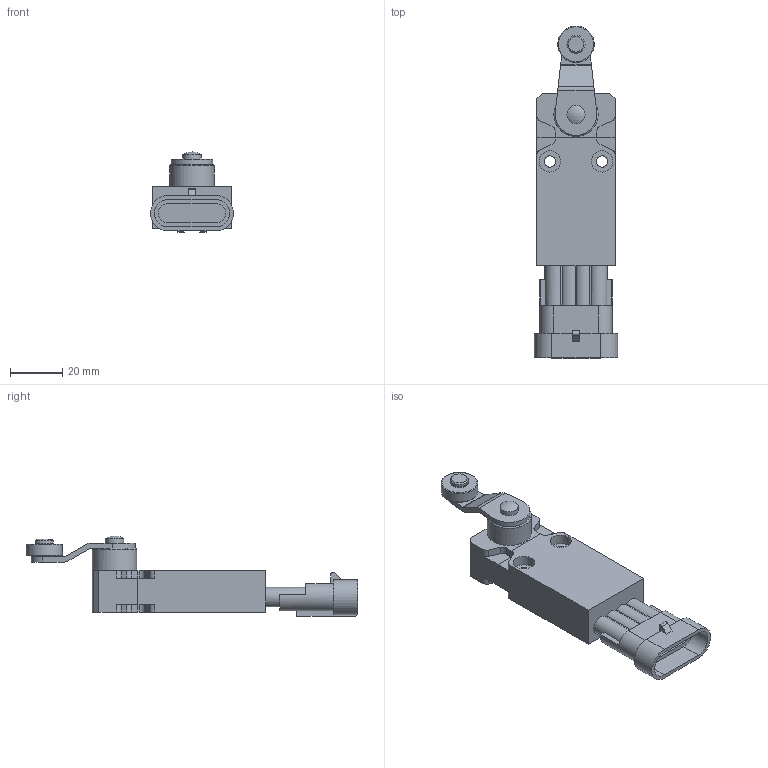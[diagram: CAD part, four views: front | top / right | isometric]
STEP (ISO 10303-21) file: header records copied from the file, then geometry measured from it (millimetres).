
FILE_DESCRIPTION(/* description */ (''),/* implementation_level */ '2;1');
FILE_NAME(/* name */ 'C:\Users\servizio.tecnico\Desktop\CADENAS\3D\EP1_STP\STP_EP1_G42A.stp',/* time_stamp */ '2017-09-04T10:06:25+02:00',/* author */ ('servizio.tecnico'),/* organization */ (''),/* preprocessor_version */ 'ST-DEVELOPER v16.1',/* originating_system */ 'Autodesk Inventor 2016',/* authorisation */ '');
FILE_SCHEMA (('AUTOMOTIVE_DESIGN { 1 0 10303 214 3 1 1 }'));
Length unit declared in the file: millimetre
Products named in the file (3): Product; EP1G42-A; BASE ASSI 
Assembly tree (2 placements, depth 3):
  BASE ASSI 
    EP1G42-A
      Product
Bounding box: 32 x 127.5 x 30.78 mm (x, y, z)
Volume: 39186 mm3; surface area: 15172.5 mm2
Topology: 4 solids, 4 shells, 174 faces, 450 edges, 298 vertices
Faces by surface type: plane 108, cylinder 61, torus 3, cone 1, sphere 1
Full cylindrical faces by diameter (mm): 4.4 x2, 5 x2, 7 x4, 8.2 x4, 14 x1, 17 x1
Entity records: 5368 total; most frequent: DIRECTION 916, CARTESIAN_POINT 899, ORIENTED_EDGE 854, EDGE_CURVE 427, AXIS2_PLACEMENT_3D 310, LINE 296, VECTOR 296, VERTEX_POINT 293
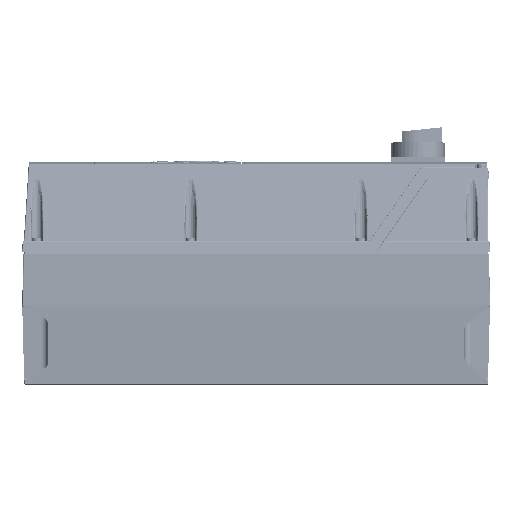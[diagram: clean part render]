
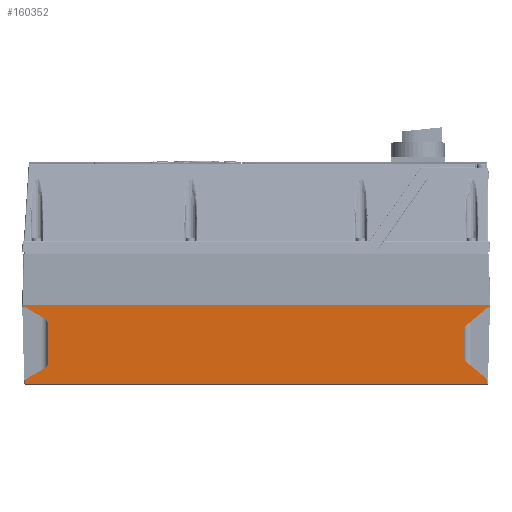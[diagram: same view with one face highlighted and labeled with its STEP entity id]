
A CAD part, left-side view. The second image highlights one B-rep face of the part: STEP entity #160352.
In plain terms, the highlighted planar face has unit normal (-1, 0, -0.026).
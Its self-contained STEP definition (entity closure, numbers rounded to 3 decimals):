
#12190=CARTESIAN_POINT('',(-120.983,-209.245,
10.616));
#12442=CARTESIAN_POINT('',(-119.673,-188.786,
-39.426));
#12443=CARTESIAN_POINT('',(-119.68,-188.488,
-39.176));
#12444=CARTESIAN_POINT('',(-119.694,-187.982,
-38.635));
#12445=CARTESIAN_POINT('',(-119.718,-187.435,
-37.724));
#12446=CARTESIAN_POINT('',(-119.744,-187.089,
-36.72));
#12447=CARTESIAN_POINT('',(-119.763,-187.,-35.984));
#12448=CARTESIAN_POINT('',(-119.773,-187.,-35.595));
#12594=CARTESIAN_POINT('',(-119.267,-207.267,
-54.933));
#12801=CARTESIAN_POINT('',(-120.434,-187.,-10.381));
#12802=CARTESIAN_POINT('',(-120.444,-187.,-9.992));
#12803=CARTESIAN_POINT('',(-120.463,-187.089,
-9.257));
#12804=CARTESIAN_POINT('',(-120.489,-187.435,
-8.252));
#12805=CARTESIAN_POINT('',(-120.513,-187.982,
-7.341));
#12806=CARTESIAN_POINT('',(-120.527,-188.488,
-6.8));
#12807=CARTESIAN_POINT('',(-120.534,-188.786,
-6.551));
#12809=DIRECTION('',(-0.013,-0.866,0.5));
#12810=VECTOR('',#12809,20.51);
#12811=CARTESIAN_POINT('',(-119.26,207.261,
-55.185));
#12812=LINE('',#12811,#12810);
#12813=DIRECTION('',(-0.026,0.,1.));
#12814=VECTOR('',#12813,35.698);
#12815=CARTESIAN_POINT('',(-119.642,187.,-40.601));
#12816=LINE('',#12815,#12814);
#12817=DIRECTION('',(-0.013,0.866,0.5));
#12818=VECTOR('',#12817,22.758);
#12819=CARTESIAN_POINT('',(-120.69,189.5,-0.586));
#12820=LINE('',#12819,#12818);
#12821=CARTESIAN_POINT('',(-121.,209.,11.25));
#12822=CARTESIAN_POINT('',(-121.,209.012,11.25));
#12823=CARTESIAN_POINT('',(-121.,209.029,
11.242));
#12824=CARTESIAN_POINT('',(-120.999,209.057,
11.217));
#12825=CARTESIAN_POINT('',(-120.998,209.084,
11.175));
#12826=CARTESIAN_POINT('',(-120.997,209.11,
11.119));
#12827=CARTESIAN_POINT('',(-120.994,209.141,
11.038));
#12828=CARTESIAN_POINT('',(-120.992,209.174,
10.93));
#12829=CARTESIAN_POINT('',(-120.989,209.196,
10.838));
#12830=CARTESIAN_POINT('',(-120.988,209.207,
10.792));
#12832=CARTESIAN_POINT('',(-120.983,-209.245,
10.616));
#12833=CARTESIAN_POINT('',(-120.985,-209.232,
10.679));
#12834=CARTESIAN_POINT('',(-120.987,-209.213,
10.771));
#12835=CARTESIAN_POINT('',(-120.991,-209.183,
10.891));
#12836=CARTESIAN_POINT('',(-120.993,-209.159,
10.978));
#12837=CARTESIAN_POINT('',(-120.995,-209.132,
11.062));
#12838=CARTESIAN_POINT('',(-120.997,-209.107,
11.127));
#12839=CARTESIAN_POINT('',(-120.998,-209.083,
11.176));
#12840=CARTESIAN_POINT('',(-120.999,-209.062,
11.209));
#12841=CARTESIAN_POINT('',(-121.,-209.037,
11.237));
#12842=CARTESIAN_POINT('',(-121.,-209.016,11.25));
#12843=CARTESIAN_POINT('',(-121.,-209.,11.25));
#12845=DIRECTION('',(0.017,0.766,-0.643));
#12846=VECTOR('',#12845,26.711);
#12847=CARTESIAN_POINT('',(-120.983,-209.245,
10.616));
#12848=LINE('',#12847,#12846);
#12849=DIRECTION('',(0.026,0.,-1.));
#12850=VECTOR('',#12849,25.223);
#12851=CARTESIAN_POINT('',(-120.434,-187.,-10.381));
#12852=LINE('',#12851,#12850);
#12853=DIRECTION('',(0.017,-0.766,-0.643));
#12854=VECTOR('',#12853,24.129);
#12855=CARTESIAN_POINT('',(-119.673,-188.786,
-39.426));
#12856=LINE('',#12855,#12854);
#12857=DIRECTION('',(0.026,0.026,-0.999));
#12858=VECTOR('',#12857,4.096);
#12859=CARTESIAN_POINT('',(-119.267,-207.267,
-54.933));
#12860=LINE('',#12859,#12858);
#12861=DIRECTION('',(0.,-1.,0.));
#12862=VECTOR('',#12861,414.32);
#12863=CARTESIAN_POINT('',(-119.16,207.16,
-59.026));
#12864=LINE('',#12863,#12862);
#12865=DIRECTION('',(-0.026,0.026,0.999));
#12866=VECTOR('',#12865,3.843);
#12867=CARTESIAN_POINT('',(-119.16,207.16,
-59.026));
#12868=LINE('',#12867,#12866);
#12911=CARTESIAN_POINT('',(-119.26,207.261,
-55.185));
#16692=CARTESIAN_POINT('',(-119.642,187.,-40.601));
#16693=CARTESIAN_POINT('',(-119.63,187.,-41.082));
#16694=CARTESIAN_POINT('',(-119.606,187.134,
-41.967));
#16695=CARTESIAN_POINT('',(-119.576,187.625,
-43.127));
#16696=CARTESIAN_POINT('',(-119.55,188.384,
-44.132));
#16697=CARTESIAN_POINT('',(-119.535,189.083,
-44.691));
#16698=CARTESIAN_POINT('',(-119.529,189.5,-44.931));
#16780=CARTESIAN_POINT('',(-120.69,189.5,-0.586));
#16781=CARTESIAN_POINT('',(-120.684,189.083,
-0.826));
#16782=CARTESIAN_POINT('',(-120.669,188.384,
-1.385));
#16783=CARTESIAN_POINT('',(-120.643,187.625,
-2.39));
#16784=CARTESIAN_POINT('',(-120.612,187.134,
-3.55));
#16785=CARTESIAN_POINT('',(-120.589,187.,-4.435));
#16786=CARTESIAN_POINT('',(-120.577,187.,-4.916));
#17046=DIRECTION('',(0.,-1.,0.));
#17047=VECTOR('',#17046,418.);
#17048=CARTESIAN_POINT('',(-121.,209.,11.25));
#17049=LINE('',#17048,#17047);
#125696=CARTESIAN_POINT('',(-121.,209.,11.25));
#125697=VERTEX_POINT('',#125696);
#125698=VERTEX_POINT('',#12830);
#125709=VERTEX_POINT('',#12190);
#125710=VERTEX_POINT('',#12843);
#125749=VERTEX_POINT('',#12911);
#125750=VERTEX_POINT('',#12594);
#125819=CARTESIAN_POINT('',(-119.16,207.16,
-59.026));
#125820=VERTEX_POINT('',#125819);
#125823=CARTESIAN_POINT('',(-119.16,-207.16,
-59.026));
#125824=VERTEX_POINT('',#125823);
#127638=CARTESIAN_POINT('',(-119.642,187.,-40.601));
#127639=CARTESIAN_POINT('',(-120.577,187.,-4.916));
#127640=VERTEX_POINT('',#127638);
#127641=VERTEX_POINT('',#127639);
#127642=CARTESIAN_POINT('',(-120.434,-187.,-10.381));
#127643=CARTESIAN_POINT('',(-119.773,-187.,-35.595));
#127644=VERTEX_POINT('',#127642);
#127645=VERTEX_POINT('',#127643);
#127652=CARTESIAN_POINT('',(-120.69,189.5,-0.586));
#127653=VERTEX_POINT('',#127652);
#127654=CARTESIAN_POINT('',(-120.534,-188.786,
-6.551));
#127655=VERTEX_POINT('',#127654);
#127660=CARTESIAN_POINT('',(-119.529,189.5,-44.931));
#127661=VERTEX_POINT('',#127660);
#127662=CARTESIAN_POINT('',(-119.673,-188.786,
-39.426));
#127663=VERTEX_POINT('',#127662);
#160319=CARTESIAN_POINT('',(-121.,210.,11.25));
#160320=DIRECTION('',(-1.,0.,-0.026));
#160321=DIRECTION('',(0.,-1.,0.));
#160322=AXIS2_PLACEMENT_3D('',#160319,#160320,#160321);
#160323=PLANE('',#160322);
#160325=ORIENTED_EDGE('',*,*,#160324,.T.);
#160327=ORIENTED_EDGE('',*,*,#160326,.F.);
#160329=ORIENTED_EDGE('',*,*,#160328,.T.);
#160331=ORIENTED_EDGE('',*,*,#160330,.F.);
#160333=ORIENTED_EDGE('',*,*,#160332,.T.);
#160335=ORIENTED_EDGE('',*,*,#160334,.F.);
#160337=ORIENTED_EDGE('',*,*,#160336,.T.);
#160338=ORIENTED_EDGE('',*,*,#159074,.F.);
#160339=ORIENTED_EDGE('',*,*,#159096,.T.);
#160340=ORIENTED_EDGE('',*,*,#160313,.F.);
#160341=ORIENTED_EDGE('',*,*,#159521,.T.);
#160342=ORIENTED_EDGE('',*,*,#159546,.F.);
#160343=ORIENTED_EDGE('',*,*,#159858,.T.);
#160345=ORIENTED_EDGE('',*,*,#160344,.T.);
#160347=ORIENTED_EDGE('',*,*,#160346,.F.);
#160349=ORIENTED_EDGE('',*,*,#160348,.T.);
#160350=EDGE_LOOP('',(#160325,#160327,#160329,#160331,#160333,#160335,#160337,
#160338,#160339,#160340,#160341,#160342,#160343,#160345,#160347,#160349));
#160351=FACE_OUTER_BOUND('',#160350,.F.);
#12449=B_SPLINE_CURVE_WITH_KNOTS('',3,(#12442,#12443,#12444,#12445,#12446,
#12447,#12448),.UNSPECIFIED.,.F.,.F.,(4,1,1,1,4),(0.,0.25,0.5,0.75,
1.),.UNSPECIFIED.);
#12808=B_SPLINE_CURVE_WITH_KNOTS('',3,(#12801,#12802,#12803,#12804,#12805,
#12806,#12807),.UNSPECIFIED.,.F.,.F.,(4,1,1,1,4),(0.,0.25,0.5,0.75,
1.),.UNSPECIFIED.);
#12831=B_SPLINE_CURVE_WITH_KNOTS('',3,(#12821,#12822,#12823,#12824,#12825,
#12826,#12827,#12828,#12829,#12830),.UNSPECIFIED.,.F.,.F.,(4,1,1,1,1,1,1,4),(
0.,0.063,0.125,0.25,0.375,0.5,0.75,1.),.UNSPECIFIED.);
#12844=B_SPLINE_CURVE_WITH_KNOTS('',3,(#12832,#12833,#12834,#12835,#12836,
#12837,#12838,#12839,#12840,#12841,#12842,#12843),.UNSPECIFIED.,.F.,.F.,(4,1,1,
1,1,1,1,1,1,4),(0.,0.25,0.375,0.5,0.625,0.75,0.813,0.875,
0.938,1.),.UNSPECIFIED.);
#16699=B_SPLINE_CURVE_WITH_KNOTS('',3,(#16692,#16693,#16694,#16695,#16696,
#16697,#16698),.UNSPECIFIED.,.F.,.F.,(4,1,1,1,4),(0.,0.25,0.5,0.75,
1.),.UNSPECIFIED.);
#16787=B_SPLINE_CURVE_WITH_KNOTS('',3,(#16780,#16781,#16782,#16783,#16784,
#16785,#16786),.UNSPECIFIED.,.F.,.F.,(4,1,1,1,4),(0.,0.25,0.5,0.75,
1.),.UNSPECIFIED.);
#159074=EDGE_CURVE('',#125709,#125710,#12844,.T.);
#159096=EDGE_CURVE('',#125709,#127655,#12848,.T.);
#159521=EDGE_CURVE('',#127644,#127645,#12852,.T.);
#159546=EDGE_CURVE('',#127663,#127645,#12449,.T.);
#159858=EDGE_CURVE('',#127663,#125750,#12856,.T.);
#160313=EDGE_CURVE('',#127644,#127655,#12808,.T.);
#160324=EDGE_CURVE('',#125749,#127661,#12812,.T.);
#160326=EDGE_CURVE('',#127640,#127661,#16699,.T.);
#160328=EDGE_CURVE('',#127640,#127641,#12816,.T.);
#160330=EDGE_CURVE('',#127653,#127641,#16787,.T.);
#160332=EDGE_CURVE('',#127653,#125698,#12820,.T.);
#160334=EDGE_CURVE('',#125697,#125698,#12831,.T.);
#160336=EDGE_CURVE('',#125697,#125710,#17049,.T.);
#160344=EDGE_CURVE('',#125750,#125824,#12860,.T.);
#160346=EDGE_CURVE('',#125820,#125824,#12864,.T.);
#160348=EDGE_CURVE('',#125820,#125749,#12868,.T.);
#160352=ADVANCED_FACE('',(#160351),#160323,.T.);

* * *

WHAT YOU WILL DO
Transcribe exactly the lines that run from the first line of the records above through the line with "#12802=CARTESIAN_POINT('',(-120.444,-187.,-9.992));", and include both of those lines; pictures stay out.

ANSWER
[diagram: CAD part, four views: front | top / right | isometric]
STEP (ISO 10303-21) file: header records copied from the file, then geometry measured from it (millimetres).
FILE_DESCRIPTION(/* description */ (''),/* implementation_level */ '2;1');
FILE_NAME(/* name */ 'C:\Users\servizio.tecnico\Desktop\CADENAS\3D\EP1_STP\STP_EP1_G42A.stp',/* time_stamp */ '2017-09-04T10:06:25+02:00',/* author */ ('servizio.tecnico'),/* organization */ (''),/* preprocessor_version */ 'ST-DEVELOPER v16.1',/* originating_system */ 'Autodesk Inventor 2016',/* authorisation */ '');
FILE_SCHEMA (('AUTOMOTIVE_DESIGN { 1 0 10303 214 3 1 1 }'));
Length unit declared in the file: millimetre
Products named in the file (3): Product; EP1G42-A; BASE ASSI 
Assembly tree (2 placements, depth 3):
  BASE ASSI 
    EP1G42-A
      Product
Bounding box: 32 x 127.5 x 30.78 mm (x, y, z)
Volume: 39186 mm3; surface area: 15172.5 mm2
Topology: 4 solids, 4 shells, 174 faces, 450 edges, 298 vertices
Faces by surface type: plane 108, cylinder 61, torus 3, cone 1, sphere 1
Full cylindrical faces by diameter (mm): 4.4 x2, 5 x2, 7 x4, 8.2 x4, 14 x1, 17 x1
Entity records: 5368 total; most frequent: DIRECTION 916, CARTESIAN_POINT 899, ORIENTED_EDGE 854, EDGE_CURVE 427, AXIS2_PLACEMENT_3D 310, LINE 296, VECTOR 296, VERTEX_POINT 293
[diagram: clean part render]
[diagram: same view with one face highlighted and labeled with its STEP entity id]
A CAD part, left-side view. The second image highlights one B-rep face of the part: STEP entity #160352.
In plain terms, the highlighted planar face has unit normal (-1, 0, -0.026).
Its self-contained STEP definition (entity closure, numbers rounded to 3 decimals):
#12190=CARTESIAN_POINT('',(-120.983,-209.245,
10.616));
#12442=CARTESIAN_POINT('',(-119.673,-188.786,
-39.426));
#12443=CARTESIAN_POINT('',(-119.68,-188.488,
-39.176));
#12444=CARTESIAN_POINT('',(-119.694,-187.982,
-38.635));
#12445=CARTESIAN_POINT('',(-119.718,-187.435,
-37.724));
#12446=CARTESIAN_POINT('',(-119.744,-187.089,
-36.72));
#12447=CARTESIAN_POINT('',(-119.763,-187.,-35.984));
#12448=CARTESIAN_POINT('',(-119.773,-187.,-35.595));
#12594=CARTESIAN_POINT('',(-119.267,-207.267,
-54.933));
#12801=CARTESIAN_POINT('',(-120.434,-187.,-10.381));
#12802=CARTESIAN_POINT('',(-120.444,-187.,-9.992));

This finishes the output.